Add SqlCatalog to test console https://github.com/apache/iceberg-python/pull/488 is an example PR that utilizes tests/cli/test_console.py to ensure the same behaviors for different catalogs.
A possible solution is to test the input and expected output via the CLI
This issue has been automatically marked as stale because it has been open for 180 days with no activity. It will be closed in next 14 days if no further activity occurs. To permanently prevent this issue from being considered stale, add the label 'not-stale', but commenting on the issue is preferred when possible.
We can delete mountains of code if this is done correctly....
What about a strategy of each test_catalog providing a suite of basic fixtures that can be passed into a parameterized suite of functions?
Something like...
@mock_aws
@pytest.fixture
def catalog_list_tables_fixture(...)
...
Like the glue test, and dynamo test (ect) could all provide a fixture like that? Unsure the best architecture but I think doing it correctly can vastly reduce the amount of code in the catalog test suite
@kevinjqliu what do you think about something like this...

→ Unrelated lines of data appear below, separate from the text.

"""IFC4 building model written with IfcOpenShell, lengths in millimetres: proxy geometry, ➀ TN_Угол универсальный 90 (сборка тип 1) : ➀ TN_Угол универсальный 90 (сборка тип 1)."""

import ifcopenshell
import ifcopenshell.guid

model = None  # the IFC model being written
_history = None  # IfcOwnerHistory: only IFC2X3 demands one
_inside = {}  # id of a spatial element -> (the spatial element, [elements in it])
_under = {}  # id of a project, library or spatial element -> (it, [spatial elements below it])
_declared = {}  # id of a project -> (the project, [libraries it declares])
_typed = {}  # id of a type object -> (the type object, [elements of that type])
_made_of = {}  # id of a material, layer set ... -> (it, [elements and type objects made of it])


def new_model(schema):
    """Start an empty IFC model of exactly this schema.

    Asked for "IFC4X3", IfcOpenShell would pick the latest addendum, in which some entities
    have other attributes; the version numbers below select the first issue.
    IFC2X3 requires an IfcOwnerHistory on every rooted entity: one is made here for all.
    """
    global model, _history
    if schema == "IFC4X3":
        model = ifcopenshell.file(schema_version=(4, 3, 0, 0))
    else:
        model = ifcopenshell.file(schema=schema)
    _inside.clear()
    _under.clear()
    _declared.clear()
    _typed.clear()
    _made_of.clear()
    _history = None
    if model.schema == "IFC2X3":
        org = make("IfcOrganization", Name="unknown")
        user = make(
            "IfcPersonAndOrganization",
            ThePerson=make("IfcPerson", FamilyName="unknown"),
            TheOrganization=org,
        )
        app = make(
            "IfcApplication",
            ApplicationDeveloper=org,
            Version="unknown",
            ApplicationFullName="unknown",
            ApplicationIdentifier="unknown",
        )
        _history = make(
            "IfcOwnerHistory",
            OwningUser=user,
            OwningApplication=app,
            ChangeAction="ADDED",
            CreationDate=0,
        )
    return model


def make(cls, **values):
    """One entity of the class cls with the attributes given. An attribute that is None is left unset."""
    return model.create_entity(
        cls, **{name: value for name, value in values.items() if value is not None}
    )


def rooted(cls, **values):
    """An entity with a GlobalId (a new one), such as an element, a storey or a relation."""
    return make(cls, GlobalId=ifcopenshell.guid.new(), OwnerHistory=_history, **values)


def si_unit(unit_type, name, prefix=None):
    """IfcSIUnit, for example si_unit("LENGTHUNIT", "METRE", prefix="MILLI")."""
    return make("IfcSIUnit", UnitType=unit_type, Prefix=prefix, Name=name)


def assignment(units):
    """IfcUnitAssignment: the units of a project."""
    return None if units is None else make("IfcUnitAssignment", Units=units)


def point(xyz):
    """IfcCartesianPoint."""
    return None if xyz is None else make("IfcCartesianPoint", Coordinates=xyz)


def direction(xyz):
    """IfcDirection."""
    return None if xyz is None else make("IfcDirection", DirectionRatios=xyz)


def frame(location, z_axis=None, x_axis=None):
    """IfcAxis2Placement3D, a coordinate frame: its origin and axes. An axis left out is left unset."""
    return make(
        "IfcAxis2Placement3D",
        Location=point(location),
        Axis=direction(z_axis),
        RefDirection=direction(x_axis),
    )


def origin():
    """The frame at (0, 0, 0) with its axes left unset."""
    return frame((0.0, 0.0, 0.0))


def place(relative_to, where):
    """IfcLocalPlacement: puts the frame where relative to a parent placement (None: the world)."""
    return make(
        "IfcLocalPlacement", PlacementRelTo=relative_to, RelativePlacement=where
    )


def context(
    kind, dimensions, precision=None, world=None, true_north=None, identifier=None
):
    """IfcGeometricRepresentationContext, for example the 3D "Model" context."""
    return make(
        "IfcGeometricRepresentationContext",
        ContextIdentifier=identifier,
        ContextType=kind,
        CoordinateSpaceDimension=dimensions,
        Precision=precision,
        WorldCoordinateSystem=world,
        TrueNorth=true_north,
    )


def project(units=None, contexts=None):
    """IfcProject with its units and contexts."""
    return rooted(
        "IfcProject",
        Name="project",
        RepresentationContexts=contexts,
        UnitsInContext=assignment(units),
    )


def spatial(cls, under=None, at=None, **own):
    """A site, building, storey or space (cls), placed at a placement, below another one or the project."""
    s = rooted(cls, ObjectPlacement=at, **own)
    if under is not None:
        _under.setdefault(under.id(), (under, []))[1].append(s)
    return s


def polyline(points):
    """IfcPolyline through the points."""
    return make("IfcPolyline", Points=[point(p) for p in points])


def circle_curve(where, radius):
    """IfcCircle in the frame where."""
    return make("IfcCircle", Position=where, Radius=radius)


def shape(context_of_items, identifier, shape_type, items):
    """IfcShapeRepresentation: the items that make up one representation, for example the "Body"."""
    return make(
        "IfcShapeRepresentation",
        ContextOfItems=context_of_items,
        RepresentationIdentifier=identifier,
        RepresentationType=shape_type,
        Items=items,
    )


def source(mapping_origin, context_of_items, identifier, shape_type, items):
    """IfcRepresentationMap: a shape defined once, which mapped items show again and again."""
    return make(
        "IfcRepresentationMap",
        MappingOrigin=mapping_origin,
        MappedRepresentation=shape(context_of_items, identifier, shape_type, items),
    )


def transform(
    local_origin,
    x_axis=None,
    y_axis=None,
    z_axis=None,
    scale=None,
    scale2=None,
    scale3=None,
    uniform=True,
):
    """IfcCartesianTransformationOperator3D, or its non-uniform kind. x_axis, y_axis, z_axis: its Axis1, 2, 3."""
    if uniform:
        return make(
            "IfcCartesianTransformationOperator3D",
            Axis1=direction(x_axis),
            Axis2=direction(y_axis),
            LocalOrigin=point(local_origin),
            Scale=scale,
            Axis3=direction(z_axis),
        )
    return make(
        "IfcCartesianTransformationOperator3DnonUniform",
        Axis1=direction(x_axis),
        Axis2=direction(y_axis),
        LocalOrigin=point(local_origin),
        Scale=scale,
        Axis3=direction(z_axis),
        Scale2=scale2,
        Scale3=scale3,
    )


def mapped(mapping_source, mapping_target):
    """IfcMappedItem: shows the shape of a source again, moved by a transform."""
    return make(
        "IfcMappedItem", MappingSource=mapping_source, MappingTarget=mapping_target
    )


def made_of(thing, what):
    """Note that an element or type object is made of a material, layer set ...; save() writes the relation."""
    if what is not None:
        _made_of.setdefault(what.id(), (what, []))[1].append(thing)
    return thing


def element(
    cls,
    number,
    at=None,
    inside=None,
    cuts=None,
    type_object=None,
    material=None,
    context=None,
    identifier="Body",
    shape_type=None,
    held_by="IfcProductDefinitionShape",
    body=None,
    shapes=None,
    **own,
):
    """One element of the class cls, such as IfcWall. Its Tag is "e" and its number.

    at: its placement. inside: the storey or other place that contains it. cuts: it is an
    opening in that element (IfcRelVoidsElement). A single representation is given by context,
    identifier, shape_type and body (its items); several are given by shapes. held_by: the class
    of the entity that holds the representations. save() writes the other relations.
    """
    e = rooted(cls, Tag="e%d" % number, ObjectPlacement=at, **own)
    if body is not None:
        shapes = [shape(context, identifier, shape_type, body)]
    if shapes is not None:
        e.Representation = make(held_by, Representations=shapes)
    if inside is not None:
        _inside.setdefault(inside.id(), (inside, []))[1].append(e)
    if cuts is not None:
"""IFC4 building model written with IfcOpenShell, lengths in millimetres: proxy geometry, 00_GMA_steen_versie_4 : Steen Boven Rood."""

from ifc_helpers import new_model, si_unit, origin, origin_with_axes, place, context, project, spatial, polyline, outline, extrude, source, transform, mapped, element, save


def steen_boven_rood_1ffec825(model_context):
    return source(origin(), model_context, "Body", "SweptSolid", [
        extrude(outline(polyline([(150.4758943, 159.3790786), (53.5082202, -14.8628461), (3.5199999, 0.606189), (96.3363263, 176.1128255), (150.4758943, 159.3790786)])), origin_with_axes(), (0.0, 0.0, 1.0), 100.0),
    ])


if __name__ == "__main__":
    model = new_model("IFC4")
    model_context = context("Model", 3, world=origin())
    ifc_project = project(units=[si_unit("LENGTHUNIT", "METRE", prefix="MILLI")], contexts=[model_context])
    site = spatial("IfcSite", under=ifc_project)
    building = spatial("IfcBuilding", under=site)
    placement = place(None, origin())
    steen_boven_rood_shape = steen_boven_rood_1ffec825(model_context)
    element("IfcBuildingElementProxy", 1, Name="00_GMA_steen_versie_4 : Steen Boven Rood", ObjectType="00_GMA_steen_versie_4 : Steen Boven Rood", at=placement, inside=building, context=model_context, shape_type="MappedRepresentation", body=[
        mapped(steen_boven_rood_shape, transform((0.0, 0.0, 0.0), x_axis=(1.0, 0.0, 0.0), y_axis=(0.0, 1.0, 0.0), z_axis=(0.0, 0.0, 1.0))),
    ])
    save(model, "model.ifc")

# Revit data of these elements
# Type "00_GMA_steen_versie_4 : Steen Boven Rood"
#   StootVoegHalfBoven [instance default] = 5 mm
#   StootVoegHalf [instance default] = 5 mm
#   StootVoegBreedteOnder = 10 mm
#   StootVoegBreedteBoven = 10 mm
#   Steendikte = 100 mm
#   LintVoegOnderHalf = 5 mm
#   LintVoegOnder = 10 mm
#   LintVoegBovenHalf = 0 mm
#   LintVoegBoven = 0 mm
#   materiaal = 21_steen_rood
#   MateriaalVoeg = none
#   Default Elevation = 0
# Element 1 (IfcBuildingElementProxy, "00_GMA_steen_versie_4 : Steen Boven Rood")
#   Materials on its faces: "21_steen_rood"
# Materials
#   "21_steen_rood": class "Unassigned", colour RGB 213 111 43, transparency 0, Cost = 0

from unittest.mock import MagicMock
import pytest
from pyiceberg.catalog import Catalog
from tests.conftest import BUCKET_NAME
HIVE_CATALOG_NAME = "hive"
HIVE_METASTORE_FAKE_URL = "thrift://unknown:9083"
@pytest.fixture
def glue(_bucket_initialize: None, moto_endpoint_url: str) -> Catalog:
from pyiceberg.catalog.glue import GlueCatalog
catalog = GlueCatalog(
name="glue",
bucket_name=BUCKET_NAME,
endpoint_url=moto_endpoint_url,
)
catalog.create_namespace("foobar")
return catalog
@pytest.fixture
def hive() -> Catalog:
from pyiceberg.catalog.hive import HiveCatalog
catalog = HiveCatalog(
name="hive",
uri=HIVE_METASTORE_FAKE_URL,
)
catalog._client = MagicMock()
catalog._client.__enter__().get_all_databases.return_value = ["foobar"]
return catalog
@pytest.mark.parametrize("catalog", [
pytest.lazy_fixture("glue"),
pytest.lazy_fixture("hive")
])
def test_list_namespaces_common(catalog: Catalog) -> None:
namespaces = catalog.list_namespaces()
assert namespaces == [("foobar",)]
I think it becomes more of a configuration workflow than a "catalog" workflow if that makes sense?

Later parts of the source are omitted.